■ Collection entries:
______________________________

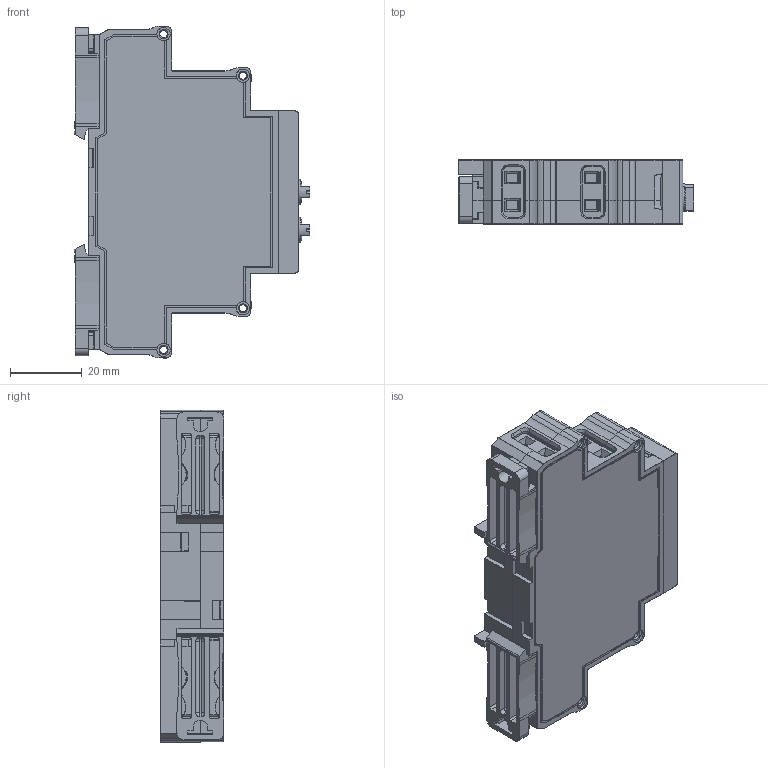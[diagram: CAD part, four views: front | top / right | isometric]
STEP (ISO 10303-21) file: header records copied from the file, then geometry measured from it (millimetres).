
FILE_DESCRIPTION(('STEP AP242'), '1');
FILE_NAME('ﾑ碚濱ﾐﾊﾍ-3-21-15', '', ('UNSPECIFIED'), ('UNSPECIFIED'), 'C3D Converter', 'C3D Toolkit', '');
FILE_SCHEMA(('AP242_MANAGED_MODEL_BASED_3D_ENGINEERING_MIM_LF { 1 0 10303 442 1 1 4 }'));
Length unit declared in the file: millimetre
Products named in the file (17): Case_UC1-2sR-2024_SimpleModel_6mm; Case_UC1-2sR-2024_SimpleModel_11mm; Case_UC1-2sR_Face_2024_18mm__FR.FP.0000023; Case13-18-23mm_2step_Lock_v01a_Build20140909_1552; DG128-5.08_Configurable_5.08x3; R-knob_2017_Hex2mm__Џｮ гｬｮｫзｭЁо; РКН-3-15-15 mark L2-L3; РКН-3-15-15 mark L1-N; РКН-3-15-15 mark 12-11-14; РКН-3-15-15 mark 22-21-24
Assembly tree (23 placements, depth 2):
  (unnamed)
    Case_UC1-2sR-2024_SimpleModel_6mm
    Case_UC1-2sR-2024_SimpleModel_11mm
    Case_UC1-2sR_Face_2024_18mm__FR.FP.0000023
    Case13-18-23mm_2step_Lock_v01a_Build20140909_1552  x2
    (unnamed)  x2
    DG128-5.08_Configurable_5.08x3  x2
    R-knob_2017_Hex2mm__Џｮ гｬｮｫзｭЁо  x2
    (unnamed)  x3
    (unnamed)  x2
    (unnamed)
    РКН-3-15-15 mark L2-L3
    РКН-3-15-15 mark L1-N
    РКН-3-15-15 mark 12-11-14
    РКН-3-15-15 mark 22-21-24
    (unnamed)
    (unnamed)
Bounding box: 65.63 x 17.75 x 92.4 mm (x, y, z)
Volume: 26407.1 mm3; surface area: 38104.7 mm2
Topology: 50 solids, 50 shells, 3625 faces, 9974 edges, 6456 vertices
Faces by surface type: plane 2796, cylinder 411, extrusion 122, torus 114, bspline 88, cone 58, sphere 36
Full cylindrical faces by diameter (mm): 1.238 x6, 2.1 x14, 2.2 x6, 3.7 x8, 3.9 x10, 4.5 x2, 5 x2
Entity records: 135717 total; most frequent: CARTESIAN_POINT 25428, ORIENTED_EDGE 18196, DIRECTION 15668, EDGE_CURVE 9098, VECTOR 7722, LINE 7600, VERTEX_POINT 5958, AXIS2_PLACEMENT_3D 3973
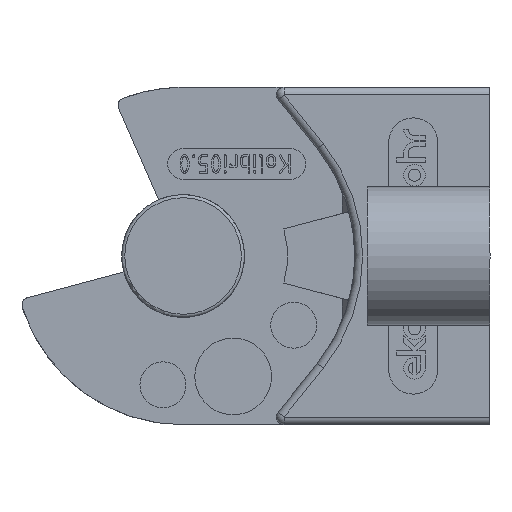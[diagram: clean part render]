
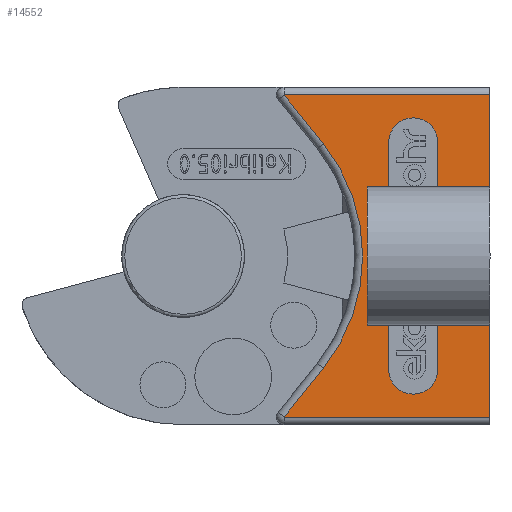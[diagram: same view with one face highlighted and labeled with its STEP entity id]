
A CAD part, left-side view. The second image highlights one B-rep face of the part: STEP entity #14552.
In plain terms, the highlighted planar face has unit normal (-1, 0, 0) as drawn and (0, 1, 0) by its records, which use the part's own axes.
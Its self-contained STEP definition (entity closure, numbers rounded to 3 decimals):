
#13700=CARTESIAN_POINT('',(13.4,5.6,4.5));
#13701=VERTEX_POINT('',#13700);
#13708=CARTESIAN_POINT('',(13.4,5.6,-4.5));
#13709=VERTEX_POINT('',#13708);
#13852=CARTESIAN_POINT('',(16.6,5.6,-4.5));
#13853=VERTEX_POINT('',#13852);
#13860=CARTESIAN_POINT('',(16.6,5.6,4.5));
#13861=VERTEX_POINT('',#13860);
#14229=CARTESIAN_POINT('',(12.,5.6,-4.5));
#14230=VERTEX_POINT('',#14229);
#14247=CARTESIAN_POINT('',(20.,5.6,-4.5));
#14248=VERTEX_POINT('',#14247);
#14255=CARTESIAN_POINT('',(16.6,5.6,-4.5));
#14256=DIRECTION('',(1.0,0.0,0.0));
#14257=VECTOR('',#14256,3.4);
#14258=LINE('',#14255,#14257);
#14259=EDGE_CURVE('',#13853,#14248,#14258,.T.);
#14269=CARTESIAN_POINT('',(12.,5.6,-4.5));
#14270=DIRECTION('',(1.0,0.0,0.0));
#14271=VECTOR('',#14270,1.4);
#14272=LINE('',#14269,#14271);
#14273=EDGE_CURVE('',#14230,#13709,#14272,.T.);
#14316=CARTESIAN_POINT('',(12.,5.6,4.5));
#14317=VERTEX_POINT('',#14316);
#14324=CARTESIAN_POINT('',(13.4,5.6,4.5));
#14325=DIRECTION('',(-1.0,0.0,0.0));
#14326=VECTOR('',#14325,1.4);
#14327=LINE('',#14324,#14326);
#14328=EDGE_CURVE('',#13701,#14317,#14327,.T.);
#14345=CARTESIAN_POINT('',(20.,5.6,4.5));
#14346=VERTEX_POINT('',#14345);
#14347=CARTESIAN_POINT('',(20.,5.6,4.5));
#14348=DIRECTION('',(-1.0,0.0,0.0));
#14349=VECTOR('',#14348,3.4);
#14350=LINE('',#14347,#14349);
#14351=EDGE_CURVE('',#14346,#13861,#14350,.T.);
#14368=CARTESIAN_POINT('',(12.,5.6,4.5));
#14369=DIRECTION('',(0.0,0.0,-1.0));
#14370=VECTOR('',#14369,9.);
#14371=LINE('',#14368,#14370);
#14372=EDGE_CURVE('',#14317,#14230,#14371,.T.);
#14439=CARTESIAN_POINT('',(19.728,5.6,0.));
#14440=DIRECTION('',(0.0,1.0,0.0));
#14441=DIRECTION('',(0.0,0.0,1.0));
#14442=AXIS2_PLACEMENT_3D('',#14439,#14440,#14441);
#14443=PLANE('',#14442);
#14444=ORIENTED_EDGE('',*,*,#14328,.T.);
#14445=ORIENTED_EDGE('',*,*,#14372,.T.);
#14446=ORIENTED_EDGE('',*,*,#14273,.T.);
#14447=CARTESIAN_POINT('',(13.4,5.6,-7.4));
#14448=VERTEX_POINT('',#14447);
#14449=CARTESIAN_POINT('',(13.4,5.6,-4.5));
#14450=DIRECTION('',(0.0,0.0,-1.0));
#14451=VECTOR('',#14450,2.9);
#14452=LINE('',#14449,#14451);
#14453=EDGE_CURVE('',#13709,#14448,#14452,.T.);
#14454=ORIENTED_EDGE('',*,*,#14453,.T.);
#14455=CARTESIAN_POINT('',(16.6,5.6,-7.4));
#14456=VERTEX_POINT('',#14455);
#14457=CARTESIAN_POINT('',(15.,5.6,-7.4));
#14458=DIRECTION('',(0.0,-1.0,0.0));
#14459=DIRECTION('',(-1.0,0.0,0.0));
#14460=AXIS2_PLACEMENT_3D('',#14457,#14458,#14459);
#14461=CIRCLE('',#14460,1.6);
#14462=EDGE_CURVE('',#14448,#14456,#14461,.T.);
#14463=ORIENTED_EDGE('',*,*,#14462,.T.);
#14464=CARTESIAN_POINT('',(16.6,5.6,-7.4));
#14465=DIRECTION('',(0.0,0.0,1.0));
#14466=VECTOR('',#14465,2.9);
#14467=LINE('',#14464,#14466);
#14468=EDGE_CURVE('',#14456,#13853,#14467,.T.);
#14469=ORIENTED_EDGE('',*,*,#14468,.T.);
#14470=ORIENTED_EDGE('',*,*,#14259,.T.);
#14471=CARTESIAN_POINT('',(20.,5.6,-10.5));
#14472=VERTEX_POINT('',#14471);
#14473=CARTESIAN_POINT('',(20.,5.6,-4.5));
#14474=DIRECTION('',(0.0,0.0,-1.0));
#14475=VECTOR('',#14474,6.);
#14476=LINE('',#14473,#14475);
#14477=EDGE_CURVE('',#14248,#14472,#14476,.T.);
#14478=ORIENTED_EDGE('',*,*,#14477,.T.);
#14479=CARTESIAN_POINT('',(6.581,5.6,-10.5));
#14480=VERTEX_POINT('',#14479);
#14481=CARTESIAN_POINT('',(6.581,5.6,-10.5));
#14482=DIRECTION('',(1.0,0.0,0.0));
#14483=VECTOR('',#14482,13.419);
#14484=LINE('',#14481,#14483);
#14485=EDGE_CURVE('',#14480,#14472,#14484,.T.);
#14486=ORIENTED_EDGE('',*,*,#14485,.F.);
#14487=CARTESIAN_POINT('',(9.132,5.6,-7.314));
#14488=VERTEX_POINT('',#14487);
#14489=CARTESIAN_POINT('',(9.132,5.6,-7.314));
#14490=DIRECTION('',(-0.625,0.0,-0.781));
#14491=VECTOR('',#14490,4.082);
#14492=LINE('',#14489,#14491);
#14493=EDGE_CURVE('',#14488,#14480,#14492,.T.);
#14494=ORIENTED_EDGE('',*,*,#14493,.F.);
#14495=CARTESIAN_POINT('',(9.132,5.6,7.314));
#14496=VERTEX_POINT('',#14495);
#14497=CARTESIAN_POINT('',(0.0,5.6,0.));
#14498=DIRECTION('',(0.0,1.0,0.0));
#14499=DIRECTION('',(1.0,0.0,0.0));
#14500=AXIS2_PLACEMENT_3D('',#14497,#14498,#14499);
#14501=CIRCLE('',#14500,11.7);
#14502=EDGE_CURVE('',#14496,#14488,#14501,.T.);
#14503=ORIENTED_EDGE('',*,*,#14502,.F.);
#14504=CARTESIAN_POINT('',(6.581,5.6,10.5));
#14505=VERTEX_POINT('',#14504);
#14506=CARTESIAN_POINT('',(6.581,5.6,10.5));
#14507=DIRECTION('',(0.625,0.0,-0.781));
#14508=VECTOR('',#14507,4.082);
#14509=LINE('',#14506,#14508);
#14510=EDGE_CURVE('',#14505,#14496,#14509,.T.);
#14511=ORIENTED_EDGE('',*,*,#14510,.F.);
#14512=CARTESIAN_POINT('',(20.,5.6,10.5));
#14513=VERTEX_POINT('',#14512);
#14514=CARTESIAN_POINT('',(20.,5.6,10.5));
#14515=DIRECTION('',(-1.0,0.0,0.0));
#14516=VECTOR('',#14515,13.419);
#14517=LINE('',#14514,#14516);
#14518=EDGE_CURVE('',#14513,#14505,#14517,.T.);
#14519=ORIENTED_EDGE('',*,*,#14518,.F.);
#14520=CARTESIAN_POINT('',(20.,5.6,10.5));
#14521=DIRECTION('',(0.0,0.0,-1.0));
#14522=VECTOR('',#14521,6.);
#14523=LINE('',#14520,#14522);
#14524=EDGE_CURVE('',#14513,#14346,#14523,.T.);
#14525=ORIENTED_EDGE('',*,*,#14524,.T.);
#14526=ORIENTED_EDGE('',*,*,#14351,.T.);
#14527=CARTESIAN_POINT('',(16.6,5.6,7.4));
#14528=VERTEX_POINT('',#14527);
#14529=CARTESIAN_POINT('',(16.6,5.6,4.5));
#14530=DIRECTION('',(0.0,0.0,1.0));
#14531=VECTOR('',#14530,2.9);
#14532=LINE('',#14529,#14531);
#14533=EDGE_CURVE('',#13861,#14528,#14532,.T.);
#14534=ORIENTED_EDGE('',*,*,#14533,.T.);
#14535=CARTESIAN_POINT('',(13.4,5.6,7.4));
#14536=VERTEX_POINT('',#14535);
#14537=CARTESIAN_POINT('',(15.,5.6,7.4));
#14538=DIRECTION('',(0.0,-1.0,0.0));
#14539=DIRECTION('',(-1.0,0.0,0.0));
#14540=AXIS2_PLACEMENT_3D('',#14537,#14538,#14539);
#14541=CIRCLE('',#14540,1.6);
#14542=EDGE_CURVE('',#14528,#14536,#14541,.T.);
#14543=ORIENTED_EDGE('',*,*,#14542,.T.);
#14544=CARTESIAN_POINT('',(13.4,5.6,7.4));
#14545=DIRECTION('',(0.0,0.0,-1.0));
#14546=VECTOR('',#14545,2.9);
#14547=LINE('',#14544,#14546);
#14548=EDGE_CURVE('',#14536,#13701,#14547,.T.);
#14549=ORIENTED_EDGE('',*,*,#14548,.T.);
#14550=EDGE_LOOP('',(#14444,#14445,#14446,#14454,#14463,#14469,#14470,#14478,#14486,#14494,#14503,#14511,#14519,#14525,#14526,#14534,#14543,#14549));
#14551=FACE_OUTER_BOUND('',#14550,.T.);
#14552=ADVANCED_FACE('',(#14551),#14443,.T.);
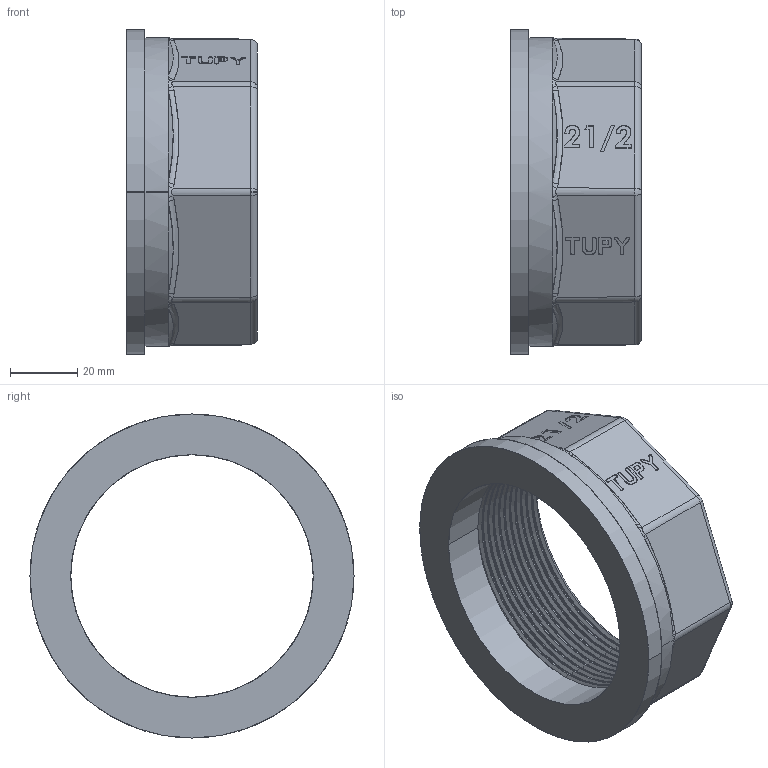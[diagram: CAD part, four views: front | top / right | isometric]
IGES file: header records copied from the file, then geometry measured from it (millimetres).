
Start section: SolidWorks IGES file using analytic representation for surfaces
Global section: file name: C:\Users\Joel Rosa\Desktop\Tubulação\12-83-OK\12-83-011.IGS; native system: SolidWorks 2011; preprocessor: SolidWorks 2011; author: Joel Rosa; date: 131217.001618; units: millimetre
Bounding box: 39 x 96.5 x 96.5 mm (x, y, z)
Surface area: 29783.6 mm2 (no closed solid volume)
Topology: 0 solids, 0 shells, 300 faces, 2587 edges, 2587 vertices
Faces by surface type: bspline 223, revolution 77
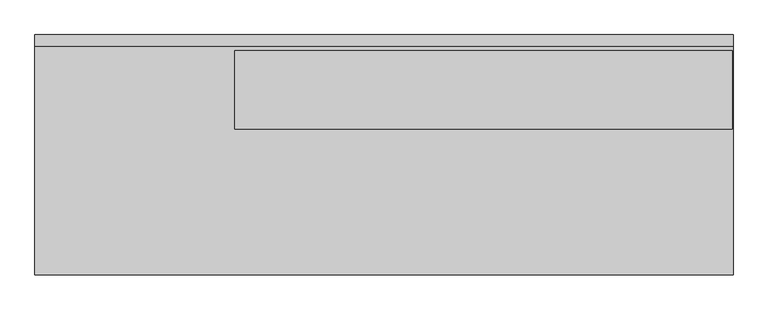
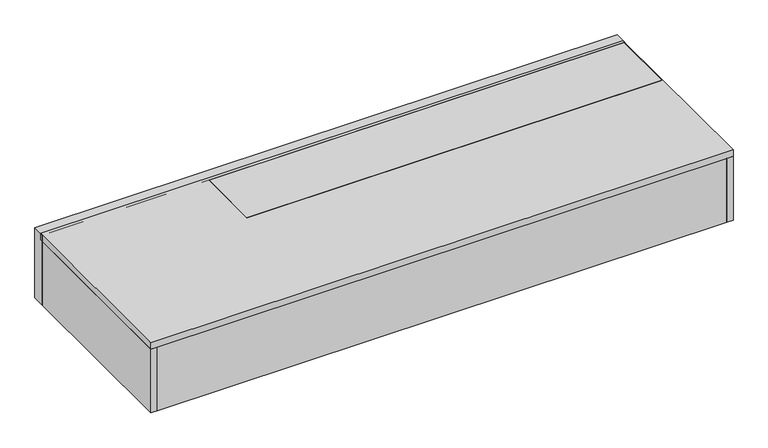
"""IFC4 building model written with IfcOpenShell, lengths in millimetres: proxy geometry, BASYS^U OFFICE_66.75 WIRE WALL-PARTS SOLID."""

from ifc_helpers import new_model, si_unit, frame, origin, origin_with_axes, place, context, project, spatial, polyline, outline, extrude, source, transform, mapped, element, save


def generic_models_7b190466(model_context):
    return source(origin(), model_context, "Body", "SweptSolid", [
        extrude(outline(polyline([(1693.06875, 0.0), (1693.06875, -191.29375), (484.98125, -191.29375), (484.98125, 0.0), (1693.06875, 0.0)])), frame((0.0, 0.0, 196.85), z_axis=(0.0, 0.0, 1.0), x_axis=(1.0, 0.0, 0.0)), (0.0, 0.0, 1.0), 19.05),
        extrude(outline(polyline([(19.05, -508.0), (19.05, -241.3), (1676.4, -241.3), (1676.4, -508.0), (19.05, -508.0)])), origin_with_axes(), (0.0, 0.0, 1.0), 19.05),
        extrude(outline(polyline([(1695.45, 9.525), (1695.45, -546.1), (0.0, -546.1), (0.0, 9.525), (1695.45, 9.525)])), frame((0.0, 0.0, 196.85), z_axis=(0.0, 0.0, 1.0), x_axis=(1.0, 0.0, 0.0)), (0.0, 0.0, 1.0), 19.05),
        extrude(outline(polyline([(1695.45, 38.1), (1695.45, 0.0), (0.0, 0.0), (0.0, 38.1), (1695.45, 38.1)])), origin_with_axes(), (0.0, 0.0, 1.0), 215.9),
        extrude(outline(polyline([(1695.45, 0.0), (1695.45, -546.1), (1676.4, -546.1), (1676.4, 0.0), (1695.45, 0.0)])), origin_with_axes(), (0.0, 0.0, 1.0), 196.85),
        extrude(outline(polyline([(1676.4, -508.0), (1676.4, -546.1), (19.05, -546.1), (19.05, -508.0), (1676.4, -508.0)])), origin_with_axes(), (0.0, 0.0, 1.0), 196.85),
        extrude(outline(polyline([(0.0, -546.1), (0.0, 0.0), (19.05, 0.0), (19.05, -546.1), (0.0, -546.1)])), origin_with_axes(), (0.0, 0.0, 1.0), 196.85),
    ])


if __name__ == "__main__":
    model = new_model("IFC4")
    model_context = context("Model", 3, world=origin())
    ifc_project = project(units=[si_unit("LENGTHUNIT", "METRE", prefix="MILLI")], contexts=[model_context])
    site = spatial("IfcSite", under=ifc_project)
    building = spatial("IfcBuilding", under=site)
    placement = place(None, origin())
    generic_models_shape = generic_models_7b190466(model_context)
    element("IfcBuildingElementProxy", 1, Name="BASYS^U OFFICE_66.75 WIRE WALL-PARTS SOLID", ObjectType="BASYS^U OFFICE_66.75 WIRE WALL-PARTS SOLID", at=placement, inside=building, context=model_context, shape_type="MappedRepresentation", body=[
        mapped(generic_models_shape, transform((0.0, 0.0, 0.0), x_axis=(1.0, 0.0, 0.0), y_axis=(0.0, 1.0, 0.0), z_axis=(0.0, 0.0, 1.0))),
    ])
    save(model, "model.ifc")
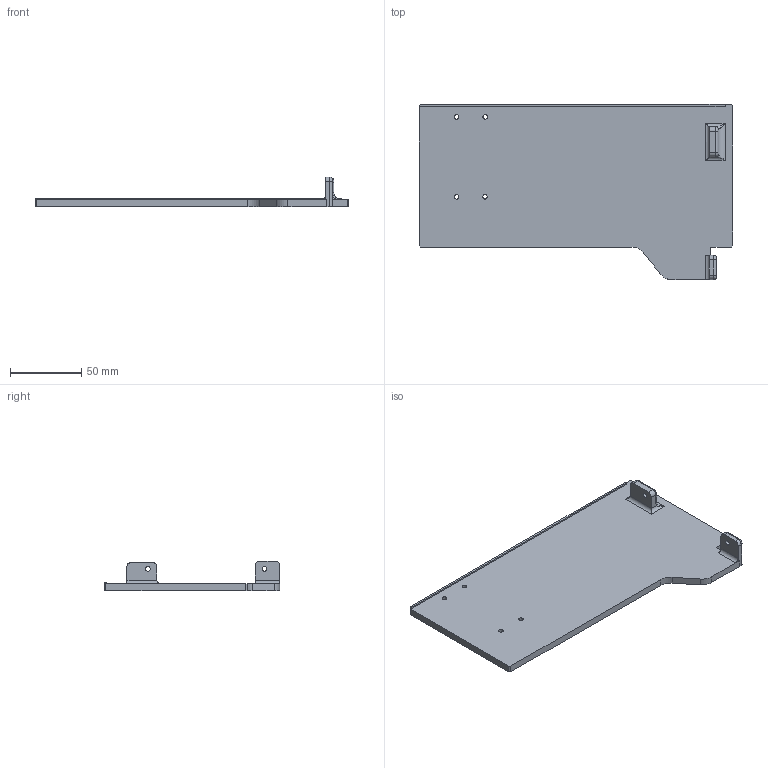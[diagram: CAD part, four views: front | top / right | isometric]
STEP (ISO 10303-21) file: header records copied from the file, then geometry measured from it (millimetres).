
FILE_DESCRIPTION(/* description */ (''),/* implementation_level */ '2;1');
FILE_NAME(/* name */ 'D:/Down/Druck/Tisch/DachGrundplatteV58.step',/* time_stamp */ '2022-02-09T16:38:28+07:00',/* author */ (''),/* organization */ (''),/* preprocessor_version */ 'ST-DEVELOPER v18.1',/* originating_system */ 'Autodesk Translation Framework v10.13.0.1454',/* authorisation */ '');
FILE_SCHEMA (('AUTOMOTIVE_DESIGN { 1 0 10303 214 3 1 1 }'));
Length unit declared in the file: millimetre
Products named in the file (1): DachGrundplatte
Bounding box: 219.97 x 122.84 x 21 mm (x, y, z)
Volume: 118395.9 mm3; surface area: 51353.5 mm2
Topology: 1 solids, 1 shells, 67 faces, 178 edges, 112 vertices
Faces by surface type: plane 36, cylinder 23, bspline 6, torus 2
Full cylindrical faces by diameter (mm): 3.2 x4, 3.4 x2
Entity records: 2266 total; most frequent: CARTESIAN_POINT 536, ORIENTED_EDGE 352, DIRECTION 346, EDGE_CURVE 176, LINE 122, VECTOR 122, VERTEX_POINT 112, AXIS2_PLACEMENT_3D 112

______________________________

■ Task details:
After locating the line with "#14537=CARTESIAN_POINT('',(15.,5.6,7.4));" above, return that line and every later line through the one with "#14547=LINE('',#14544,#14546);", word for word and with nothing else.

■ Output of the task:
#14537=CARTESIAN_POINT('',(15.,5.6,7.4));
#14538=DIRECTION('',(0.0,-1.0,0.0));
#14539=DIRECTION('',(-1.0,0.0,0.0));
#14540=AXIS2_PLACEMENT_3D('',#14537,#14538,#14539);
#14541=CIRCLE('',#14540,1.6);
#14542=EDGE_CURVE('',#14528,#14536,#14541,.T.);
#14543=ORIENTED_EDGE('',*,*,#14542,.T.);
#14544=CARTESIAN_POINT('',(13.4,5.6,7.4));
#14545=DIRECTION('',(0.0,0.0,-1.0));
#14546=VECTOR('',#14545,2.9);
#14547=LINE('',#14544,#14546);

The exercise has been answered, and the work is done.